| Collection entries |
━━━━

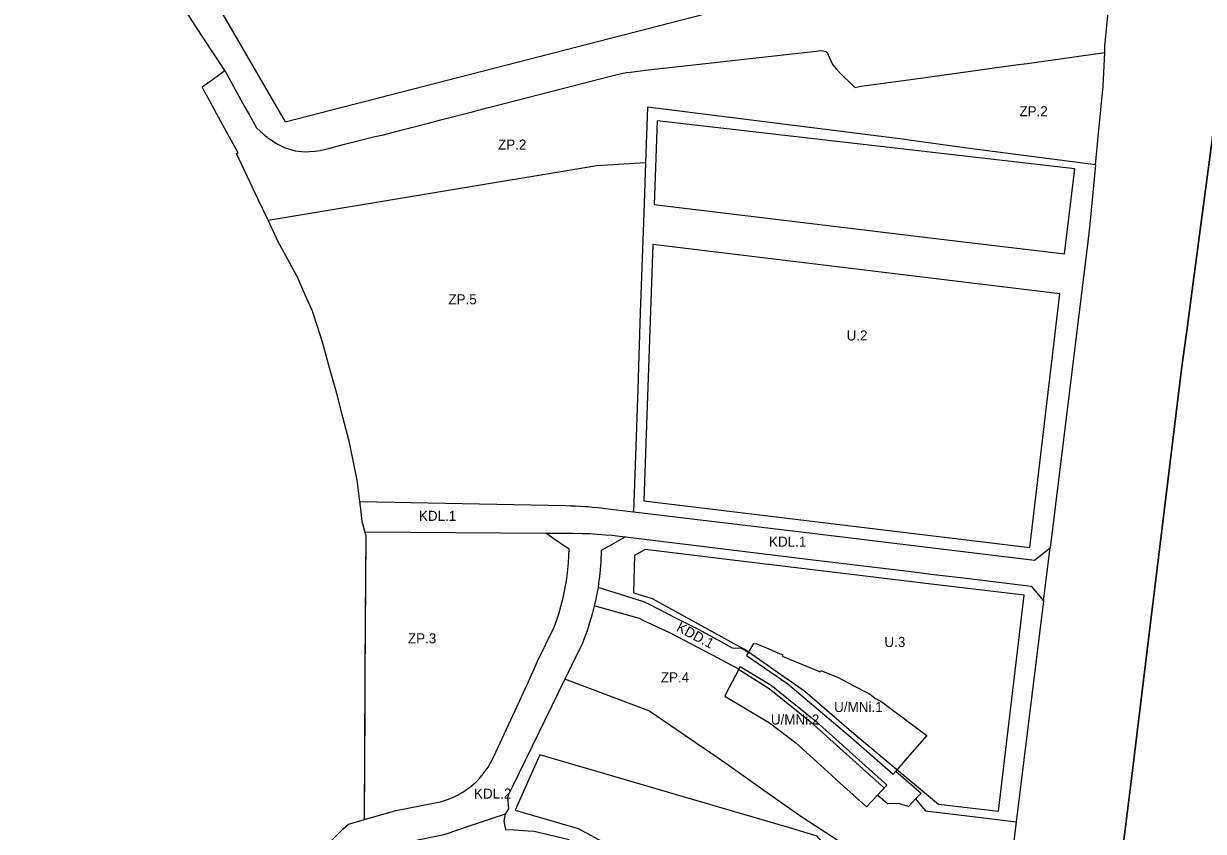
# Model space of a CAD drawing. Extents: x 7427578 to 7429232, y 5547102 to 5548448.
# Drawn here: x 7428072 to 7428660, y 5547522 to 5547924 of the extents above; entities that cross this region are included whole.
import ezdxf

# ---------------------------------------------------------------- set-up
doc = ezdxf.new("R2010")
doc.units = 0
for name, color, linetype in [('LIN_Granica Planu', 7, 'Continuous'), ('LIN_Linia Zabudowy Nieprzekraczalna', 7, 'Continuous'), ('LIN_Linie Rozgraniczajace', 7, 'Continuous'), ('TXT_Oznaczenia Przeznaczenia', 7, 'Continuous')]:
    doc.layers.add(name, color=color, linetype=linetype)

msp = doc.modelspace()

# ---------------------------------------------------------------- linework, layer by layer
at = {"layer": 'LIN_Granica Planu'}
for points in [[(7428228.98, 5547520.95), (7428231.59, 5547523.32), (7428234.21, 5547525.69), (7428242.1, 5547527.99), (7428242.5, 5547598.62), (7428242.91, 5547669.26), (7428241.96, 5547672.78), (7428241.02, 5547676.3), (7428240.42, 5547681.38), (7428239.81, 5547686.46), (7428239.15, 5547691.75), (7428238.48, 5547697.04), (7428236.46, 5547706.78), (7428234.44, 5547716.52), (7428231.38, 5547728.4), (7428228.32, 5547740.27), (7428224.76, 5547753.07), (7428221.2, 5547765.86), (7428218.73, 5547773.5), (7428216.25, 5547781.15), (7428212.48, 5547789.66), (7428208.71, 5547798.17), (7428203.95, 5547806.94), (7428199.18, 5547815.71), (7428194.13, 5547826.46), (7428189.08, 5547837.21), (7428183.79, 5547848.51), (7428178.49, 5547859.81), (7428178.83, 5547859.98), (7428179.17, 5547860.14), (7428171.64, 5547873.88), (7428164.11, 5547887.63), (7428162.68, 5547890.25), (7428161.25, 5547892.87), (7428166.91, 5547896.97), (7428172.56, 5547901.07), (7428161.38, 5547918.19), (7428150.21, 5547935.3)], [(7428665.68, 5547877.89), (7428654.7, 5547795.42), (7428651.83, 5547773.84), (7428648.96, 5547752.25), (7428639.46, 5547674.85), (7428629.96, 5547597.45), (7428623.59, 5547545.62), (7428617.23, 5547493.78)]]:
    msp.add_lwpolyline(points, dxfattribs=at)
at = {"layer": 'LIN_Linia Zabudowy Nieprzekraczalna'}
msp.add_line((7428381.21, 5547686.74), (7428573.36, 5547663.57), dxfattribs=at)
for points in [[(7428142.27, 5548072), (7428125.7, 5548050.16), (7428145.32, 5547974.26), (7428202.61, 5547875.54), (7428509.21, 5547954.46), (7428604.85, 5547945.18), (7428623.63, 5548139.34), (7428464.48, 5548154.75), (7428464.48, 5548154.75)], [(7428387.79, 5547876.03), (7428386.34, 5547834.42), (7428532.04, 5547816.82), (7428590.73, 5547809.73), (7428595.77, 5547852.08)], [(7428432.15, 5547612.46), (7428432.22, 5547612.4), (7428461.39, 5547591.9), (7428485.79, 5547570.81), (7428527.92, 5547535.6), (7428557.73, 5547532.13), (7428570.52, 5547639.72), (7428522.86, 5547645.41), (7428480.39, 5547650.58), (7428430.78, 5547656.57), (7428395.48, 5547660.82), (7428381.88, 5547662.54), (7428376.52, 5547659.54), (7428376.12, 5547640.92), (7428385.32, 5547638.06), (7428427.92, 5547614.77)], [(7428329.45, 5547560.25), (7428317.14, 5547532.66), (7428348.48, 5547523.48), (7428419.09, 5547485.39), (7428479.17, 5547406.37), (7428527.46, 5547399.74), (7428536, 5547434.01), (7428536, 5547434.01), (7428502.3, 5547478.77), (7428467.47, 5547519.82), (7428467.47, 5547519.82), (7428454.97, 5547523.48)]]:
    msp.add_lwpolyline(points, close=True, dxfattribs=at)
for points in [[(7428588.37, 5547789.87), (7428385.64, 5547814.36), (7428381.21, 5547686.74)], [(7428573.36, 5547663.57), (7428588.37, 5547789.87)], [(7428443.6, 5547593.1), (7428433.79, 5547599.32), (7428428.39, 5547602.75)], [(7428500.81, 5547543.72), (7428500.02, 5547544.55), (7428465.67, 5547575.32), (7428443.6, 5547593.1)]]:
    msp.add_lwpolyline(points, dxfattribs=at)
at = {"layer": 'LIN_Linie Rozgraniczajace'}
msp.add_line((7428580.21, 5547636.88), (7428583.49, 5547663.39), dxfattribs=at)
for points in [[(7428610.65, 5547910.02), (7428610.8, 5547913.24), (7428612.62, 5547931.79), (7428613.59, 5547941.57), (7428614.56, 5547951.51), (7428616.89, 5547975.32), (7428619.5, 5548002.1), (7428621.45, 5548022.13), (7428623.35, 5548041.5), (7428625.12, 5548059.63), (7428626.99, 5548078.82), (7428628.88, 5548098.19), (7428631.03, 5548120.27), (7428633.19, 5548142.37), (7428635.26, 5548163.57), (7428637.68, 5548188.34), (7428639.03, 5548202.16), (7428639.7, 5548209.08), (7428642.48, 5548237.53), (7428644.51, 5548258.34), (7428645.39, 5548267.36), (7428646.37, 5548277.45)], [(7428172.56, 5547901.07), (7428161.38, 5547918.19), (7428150.21, 5547935.3), (7428144.8, 5547942.14), (7428139.39, 5547948.98), (7428130.06, 5547960.77), (7428125.03, 5547967.12), (7428120.61, 5547972.54), (7428114.73, 5547977.58), (7428108.84, 5547982.62), (7428096.04, 5547993.58), (7428086.98, 5548002.36), (7428077.46, 5548010), (7428072.43, 5548014.03)], [(7428172.56, 5547901.07), (7428182.54, 5547882.87), (7428184.65, 5547879.13), (7428188.37, 5547872.52), (7428190.21, 5547870.82), (7428194.08, 5547867.6), (7428198.26, 5547864.8), (7428200.35, 5547863.73), (7428202.73, 5547862.52), (7428207.55, 5547861.13), (7428212.56, 5547860.65), (7428214.84, 5547860.75), (7428217.59, 5547860.86), (7428220.06, 5547861.17), (7428224.92, 5547862.43), (7428232.18, 5547864.31), (7428239.45, 5547866.19), (7428246.71, 5547868.07), (7428251.64, 5547869.06), (7428259.57, 5547871.12), (7428266.82, 5547873.01), (7428274.08, 5547874.9), (7428281.34, 5547876.78), (7428288.6, 5547878.67), (7428295.86, 5547880.56), (7428303.12, 5547882.45), (7428305.24, 5547883), (7428364.63, 5547898.26), (7428367.26, 5547898.87), (7428372.5, 5547900.09), (7428374.61, 5547900.33), (7428382.06, 5547901.17), (7428389.51, 5547902.01), (7428396.96, 5547902.85), (7428404.42, 5547903.7), (7428411.87, 5547904.54), (7428419.32, 5547905.38), (7428426.77, 5547906.22), (7428434.23, 5547907.07), (7428441.68, 5547907.91), (7428449.13, 5547908.75), (7428456.58, 5547909.59), (7428464.04, 5547910.44), (7428468.15, 5547910.9), (7428469.43, 5547910.98), (7428470.55, 5547910.94), (7428471.87, 5547910.51), (7428472.59, 5547909.76), (7428475.03, 5547904.36), (7428475.81, 5547903.24), (7428478.05, 5547900.54), (7428486.28, 5547892.58), (7428489.28, 5547893.24), (7428509.15, 5547895.97), (7428514.11, 5547896.65), (7428567.51, 5547904), (7428572.05, 5547904.62), (7428610.65, 5547910.02)], [(7428606.08, 5547854.17), (7428607.6, 5547869.74), (7428609.89, 5547893.2), (7428610.65, 5547910.02)], [(7428194.13, 5547826.46), (7428189.08, 5547837.21), (7428183.79, 5547848.51), (7428178.49, 5547859.81), (7428178.83, 5547859.98), (7428179.17, 5547860.14), (7428171.64, 5547873.88), (7428164.11, 5547887.63), (7428162.68, 5547890.25), (7428161.25, 5547892.87), (7428166.91, 5547896.97), (7428172.56, 5547901.07)], [(7428606.08, 5547854.17), (7428543.35, 5547862.23), (7428514.55, 5547866.27), (7428509.94, 5547866.95), (7428383.04, 5547882.83), (7428382.09, 5547855.29)], [(7428617.23, 5547493.78), (7428623.59, 5547545.62), (7428629.96, 5547597.45), (7428639.46, 5547674.85), (7428648.96, 5547752.25), (7428651.83, 5547773.84), (7428654.7, 5547795.42), (7428665.68, 5547877.89)], [(7428194.13, 5547826.46), (7428357.87, 5547853.75), (7428382.09, 5547855.29)], [(7428382.09, 5547855.29), (7428381.22, 5547829.81), (7428379.41, 5547780.47), (7428378.74, 5547758.97), (7428378.18, 5547742.3), (7428376.5, 5547695.04), (7428376.01, 5547681.32)], [(7428606.08, 5547854.17), (7428603.19, 5547824.54), (7428602.34, 5547815.75), (7428583.49, 5547663.39)], [(7428239.81, 5547686.46), (7428239.15, 5547691.75), (7428238.48, 5547697.04), (7428236.46, 5547706.78), (7428234.44, 5547716.52), (7428231.38, 5547728.4), (7428228.32, 5547740.27), (7428224.76, 5547753.07), (7428221.2, 5547765.86), (7428218.73, 5547773.5), (7428216.25, 5547781.15), (7428212.48, 5547789.66), (7428208.71, 5547798.17), (7428203.95, 5547806.94), (7428199.18, 5547815.71), (7428194.13, 5547826.46)], [(7428242.38, 5547671.25), (7428241.96, 5547672.78), (7428241.02, 5547676.3), (7428240.42, 5547681.38), (7428239.81, 5547686.46)], [(7428239.81, 5547686.46), (7428342.06, 5547684.41), (7428344.62, 5547684.34), (7428347.21, 5547684.24), (7428349.71, 5547684.11), (7428351.82, 5547683.97), (7428353.38, 5547683.86), (7428355.66, 5547683.67), (7428358.66, 5547683.38), (7428361.99, 5547683.01), (7428376.01, 5547681.32)], [(7428376.01, 5547681.32), (7428466.28, 5547670.43), (7428575.67, 5547657.24), (7428583.49, 5547663.39)], [(7428242.1, 5547527.99), (7428242.41, 5547583.14), (7428242.5, 5547598.62), (7428242.52, 5547601.94), (7428242.68, 5547628.62), (7428242.91, 5547669.26), (7428242.38, 5547671.25)], [(7428242.38, 5547671.25), (7428332.38, 5547670.71)], [(7428242.1, 5547527.99), (7428257.78, 5547532.56), (7428275.73, 5547536.01), (7428280.02, 5547536.91), (7428283.42, 5547537.96), (7428286.47, 5547539.18), (7428288.53, 5547540.18), (7428291.1, 5547541.65), (7428295.07, 5547544.46), (7428297.7, 5547546.77), (7428299.25, 5547548.33), (7428301.29, 5547550.71), (7428303.7, 5547554.07), (7428306.56, 5547559.37), (7428323.42, 5547595.94), (7428324.61, 5547598.6), (7428326.78, 5547603.44), (7428328.33, 5547606.89), (7428336.57, 5547623.85), (7428338.03, 5547628.04), (7428339.02, 5547630.9), (7428341.22, 5547639.2), (7428342.7, 5547646.98), (7428343.23, 5547650.97), (7428343.76, 5547655.94), (7428343.92, 5547659.23), (7428344.08, 5547662.64), (7428338.15, 5547666.73), (7428332.38, 5547670.71)], [(7428332.38, 5547670.71), (7428337.4, 5547670.68), (7428341.76, 5547670.65), (7428346.07, 5547670.63), (7428350.56, 5547670.55), (7428354.4, 5547670.41), (7428357.97, 5547670.21), (7428362.08, 5547669.89), (7428365.42, 5547669.58), (7428367.81, 5547669.32), (7428369.12, 5547669.16), (7428372.13, 5547668.8)], [(7428372.13, 5547668.8), (7428365.1, 5547664.86), (7428360.04, 5547662.04), (7428359.81, 5547656.5), (7428359.49, 5547652.39), (7428359.14, 5547648.92), (7428358.72, 5547645.88), (7428358.4, 5547643.56)], [(7428372.13, 5547668.8), (7428464.2, 5547657.59), (7428490.63, 5547654.37), (7428517.06, 5547651.15), (7428524.16, 5547650.29), (7428528.62, 5547649.75), (7428540.44, 5547648.34), (7428574.07, 5547644.32), (7428580.21, 5547636.88)], [(7428358.4, 5547643.56), (7428357.68, 5547639.53), (7428357.11, 5547636.91), (7428356.57, 5547634.44)], [(7428433.26, 5547611.15), (7428429.83, 5547613.27), (7428425.42, 5547613.42), (7428418.29, 5547617.35), (7428408.11, 5547622.88), (7428397.87, 5547628.04), (7428383.98, 5547635.06), (7428381.22, 5547636.46), (7428358.4, 5547643.56)], [(7428580.21, 5547636.88), (7428566.6, 5547526.89)], [(7428356.57, 5547634.44), (7428355.52, 5547630.32), (7428354.08, 5547625.44), (7428352.93, 5547621.98), (7428351.84, 5547618.99), (7428350.29, 5547615.06), (7428347.91, 5547610.21), (7428345.25, 5547604.75), (7428343.36, 5547600.9), (7428341.88, 5547597.87)], [(7428428.52, 5547602.99), (7428415.14, 5547609.99), (7428394.44, 5547620.83), (7428380.9, 5547627.21), (7428379.02, 5547628.1), (7428356.57, 5547634.44)], [(7428433.26, 5547611.15), (7428435.97, 5547615.69), (7428437.41, 5547615.49), (7428442.25, 5547613.47), (7428447.93, 5547611.1), (7428450.38, 5547610.08), (7428450.09, 5547609.39), (7428460.18, 5547605.19), (7428469.06, 5547601.62), (7428469.36, 5547602.3), (7428477.99, 5547598.84), (7428485.81, 5547594.67), (7428493.64, 5547590.55), (7428496.6, 5547588.28), (7428499.18, 5547587.03), (7428514.37, 5547575.63), (7428516.93, 5547573.71), (7428522.06, 5547569.95), (7428512.32, 5547558.7), (7428506.67, 5547552.18)], [(7428433.26, 5547611.15), (7428432.41, 5547609.77), (7428452.99, 5547595.63), (7428484.31, 5547569.02), (7428505.36, 5547550.67), (7428506.67, 5547552.18)], [(7428428.52, 5547602.99), (7428421.91, 5547590.25), (7428421.54, 5547589.54), (7428443.72, 5547576.16), (7428456.94, 5547566.24), (7428474.68, 5547550.16), (7428477.54, 5547547.41), (7428491.67, 5547534.75), (7428492.09, 5547534.37), (7428497.61, 5547540.19)], [(7428428.52, 5547602.99), (7428429.22, 5547604.31), (7428444.57, 5547594.89), (7428466.97, 5547576.84), (7428501.41, 5547545.99), (7428502.26, 5547545.1), (7428497.61, 5547540.19)], [(7428341.88, 5547597.87), (7428315.82, 5547544.47), (7428313.84, 5547540.42), (7428313.29, 5547539.06), (7428313.79, 5547533.3), (7428312.16, 5547530.77)], [(7428341.88, 5547597.87), (7428341.79, 5547597.91)], [(7428545.16, 5547429.45), (7428543.24, 5547432.02), (7428522.47, 5547458.21), (7428524.09, 5547467.7), (7428510.35, 5547473.76), (7428499.26, 5547487.9), (7428490.03, 5547509.61), (7428460.3, 5547528.82), (7428439.33, 5547543.71), (7428424.82, 5547554), (7428418.3, 5547558.63), (7428383.69, 5547582.11), (7428341.88, 5547597.87)], [(7428506.67, 5547552.18), (7428512.96, 5547546.7), (7428519.25, 5547541.22), (7428516.52, 5547538.34)], [(7428516.52, 5547538.34), (7428512.94, 5547534.56), (7428508.05, 5547536.04), (7428502.52, 5547535.91), (7428497.61, 5547540.19)], [(7428516.52, 5547538.34), (7428518.63, 5547535.71), (7428521.52, 5547532.36), (7428550.56, 5547528.84), (7428566.6, 5547526.89)], [(7428312.16, 5547530.77), (7428292.78, 5547524.27), (7428289.37, 5547523.1), (7428281.59, 5547520.42), (7428247.17, 5547513.22), (7428242.05, 5547511.49)], [(7428312.16, 5547530.77), (7428311.45, 5547527.22), (7428312.28, 5547523.08), (7428316.69, 5547522.84), (7428323.59, 5547522.46), (7428326.59, 5547522.29), (7428344.08, 5547518.11)], [(7428162.84, 5547465.04), (7428166.65, 5547468.39), (7428171.05, 5547472.06), (7428179.25, 5547479.07), (7428187.34, 5547484.04), (7428195.78, 5547489.77), (7428204.21, 5547495.5), (7428206.45, 5547497.26), (7428208.69, 5547499.03), (7428211.36, 5547501.59), (7428214.02, 5547504.16), (7428217.27, 5547507.84), (7428220.51, 5547511.53), (7428221.67, 5547512.96), (7428222.84, 5547514.39), (7428223.75, 5547515.49), (7428224.65, 5547516.59), (7428226.82, 5547518.77), (7428228.98, 5547520.95), (7428231.59, 5547523.32), (7428234.21, 5547525.69), (7428242.1, 5547527.99)], [(7428566.6, 5547526.89), (7428563.7, 5547503.51), (7428553.9, 5547464.36), (7428545.16, 5547429.45)]]:
    msp.add_lwpolyline(points, dxfattribs=at)

# ---------------------------------------------------------------- texts
at = {"layer": 'TXT_Oznaczenia Przeznaczenia'}
for s, p in [('ZP.2', (7428568.2, 5547878.29)), ('ZP.2', (7428308.62, 5547861.68)), ('ZP.5', (7428283.92, 5547784.61)), ('U.2', (7428482.15, 5547766.63)), ('KDL.1', (7428269.23, 5547676.78)), ('KDL.1', (7428443.55, 5547663.93)), ('ZP.3', (7428263.77, 5547615.76)), ('U.3', (7428501.01, 5547613.98)), ('ZP.4', (7428389.67, 5547596.32)), ('U/MNi.1', (7428475.97, 5547581.57)), ('U/MNi.2', (7428444.46, 5547575.34)), ('KDL.2', (7428296.65, 5547538.45))]:
    msp.add_text(s, height=5, dxfattribs=at).set_placement(p)
msp.add_text('KDD.1', height=5, rotation=332.35151, dxfattribs=at).set_placement((7428397, 5547622.16))

doc.saveas('drawing.dxf')

━━━━

| YOUR TASK |
Your response should be each line that includes the word "height", copied from the records.

| ANSWER TO THE PROBLEM |
    msp.add_text(s, height=5, dxfattribs=at).set_placement(p)
msp.add_text('KDD.1', height=5, rotation=332.35151, dxfattribs=at).set_placement((7428397, 5547622.16))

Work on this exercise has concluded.